Referring to FIGS. 114-116, an embodiment of a two-position sliding
sleeve valve 1600 is shown. Two-position sliding sleeve valve 1600
shares features with sliding sleeve valve 1300 illustrated in FIGS.
97A-100, and shared features have been numbered similarly. As with
sliding sleeve valve 1300, sliding sleeve valve 1600 does not
comprise a lockable sliding sleeve valve. However, unlike sliding
sleeve valve 1300, sliding sleeve valve 1600 comprises a
two-position sliding sleeve valve including an upper-closed
position (shown in FIG. 114) and a lower-open position. Thus, in
this embodiment the closed position of sliding sleeve valve 1600 is
above or uphole from the open position. Sliding sleeve valve 1600
may be used in well systems, such as well system 600, in lieu of,
or in conjunction with, other sliding sleeve valves disclosed
herein.
Sliding sleeve valve 1600 has a central or longitudinal axis 1605
and generally includes a tubular housing 1602 and a sleeve 1640
slidably disposed therein. In the embodiment shown in FIGS.
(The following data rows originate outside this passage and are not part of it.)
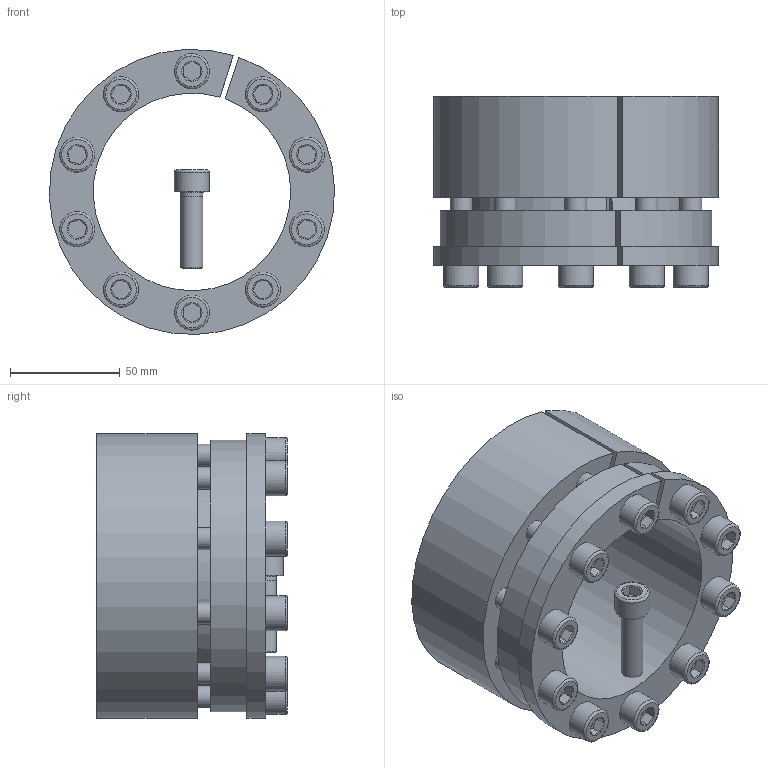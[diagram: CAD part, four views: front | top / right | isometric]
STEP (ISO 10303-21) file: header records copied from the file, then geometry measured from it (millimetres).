
FILE_DESCRIPTION( ( 'Unknown' ), '1' );
FILE_NAME( 'C:/Dokumente und Einstellungen/Sven/Desktop/homepage/cad - homepage/KBS70/KBS 70 - 90 x 130.stp', 'Unknown', ( 'Unknown' ), ( 'Unknown' ), 'XStep 1.0', 'Unknown', ' ' );
FILE_SCHEMA( ( 'automotive_design' ) );
Length unit declared in the file: millimetre
Products named in the file (3): Assem1; KBS 70 - 90 x 130; ISO EN DIN 4762 M10x35
Bounding box: 129.92 x 87 x 129.88 mm (x, y, z)
Volume: 886411 mm3; surface area: 221238.4 mm2
Topology: 13 solids, 13 shells, 343 faces, 703 edges, 430 vertices
Faces by surface type: plane 148, cylinder 92, cone 81, torus 22
Full cylindrical faces by diameter (mm): 9 x11, 10 x62, 16 x11
Entity records: 1990 total; most frequent: CARTESIAN_POINT 327, DIRECTION 312, ORIENTED_EDGE 222, AXIS2_PLACEMENT_3D 140, EDGE_LOOP 130, EDGE_CURVE 111, VERTEX_POINT 87, FACE_OUTER_BOUND 85
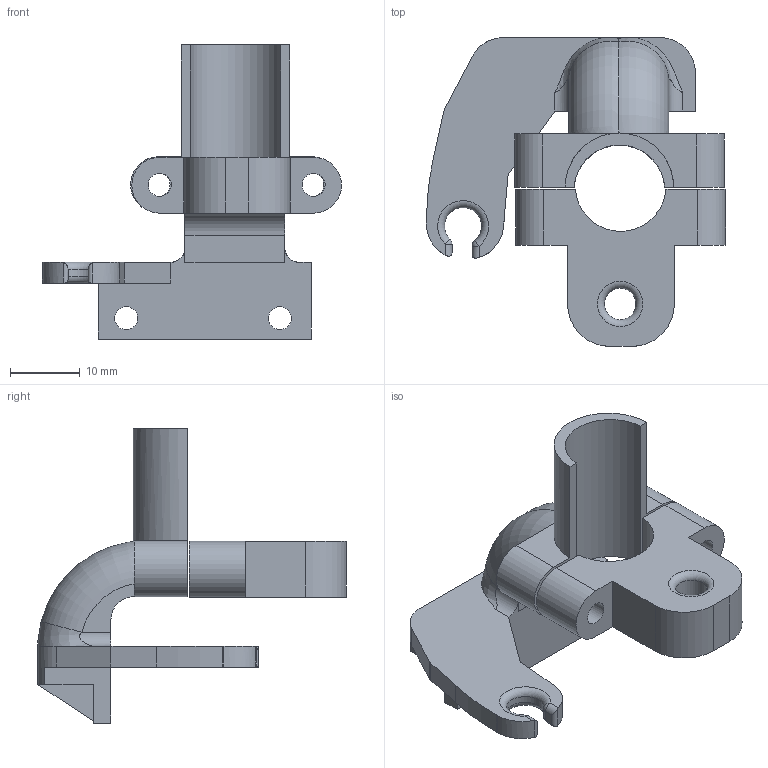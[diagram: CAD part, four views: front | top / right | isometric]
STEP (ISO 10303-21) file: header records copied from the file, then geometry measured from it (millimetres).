
FILE_DESCRIPTION(/* description */ (''),/* implementation_level */ '2;1');
FILE_NAME(/* name */ 'D:/Down/Druck/Bowden-HalterV42.step',/* time_stamp */ '2022-02-09T16:29:59+07:00',/* author */ (''),/* organization */ (''),/* preprocessor_version */ 'ST-DEVELOPER v18.1',/* originating_system */ 'Autodesk Translation Framework v10.13.0.1454',/* authorisation */ '');
FILE_SCHEMA (('AUTOMOTIVE_DESIGN { 1 0 10303 214 3 1 1 }'));
Length unit declared in the file: millimetre
Products named in the file (4): Bowden-Halter; Halterklemmen; Komponente7; Kabelhalter
Assembly tree (3 placements, depth 3):
  Bowden-Halter
    Halterklemmen
      Komponente7
    Kabelhalter
Bounding box: 42.78 x 44.18 x 42.09 mm (x, y, z)
Volume: 8775.3 mm3; surface area: 6045.4 mm2
Topology: 2 solids, 2 shells, 101 faces, 270 edges, 173 vertices
Faces by surface type: plane 54, cylinder 33, torus 6, bspline 6, sphere 2
Full cylindrical faces by diameter (mm): 3.3 x6, 4.5 x1
Entity records: 3587 total; most frequent: CARTESIAN_POINT 934, ORIENTED_EDGE 536, DIRECTION 527, EDGE_CURVE 268, AXIS2_PLACEMENT_3D 178, VERTEX_POINT 173, LINE 171, VECTOR 171

114-116, housing 1602 of sliding sleeve valve 1600 includes a bore
1604 extending between a first or upper end 1606 and a second or
lower end 1608, where bore 1604 is defined by a generally
cylindrical inner surface 1610. The inner surface 1610 of housing
1602 includes a seal or debris barrier 1612 positioned proximal
upper shoulder 1312. The inner surface 1610 of housing 1602 also
includes an elongate pin slot 1614 that is similar in function and
configuration to pin slot 1318 of sliding sleeve valve 1318, but is
axially spaced from both upper shoulder 1312 and lower shoulder
1314.
In this embodiment, pin slot 1614 includes a seal or debris barrier
1612 at an upper terminal end thereof and a pair of axially spaced,
laterally extending shear grooves 1322. Each shear groove includes
a pair of opposed shear pins 1616 (labeled as 1616a and 1616b in
FIGS. 114 and 116) that are configured similarly as shear pins
1324a-1324d of sliding sleeve valve 1300, with each shear pin 1616
including an inner terminal end 1618 (shown in FIG. 116).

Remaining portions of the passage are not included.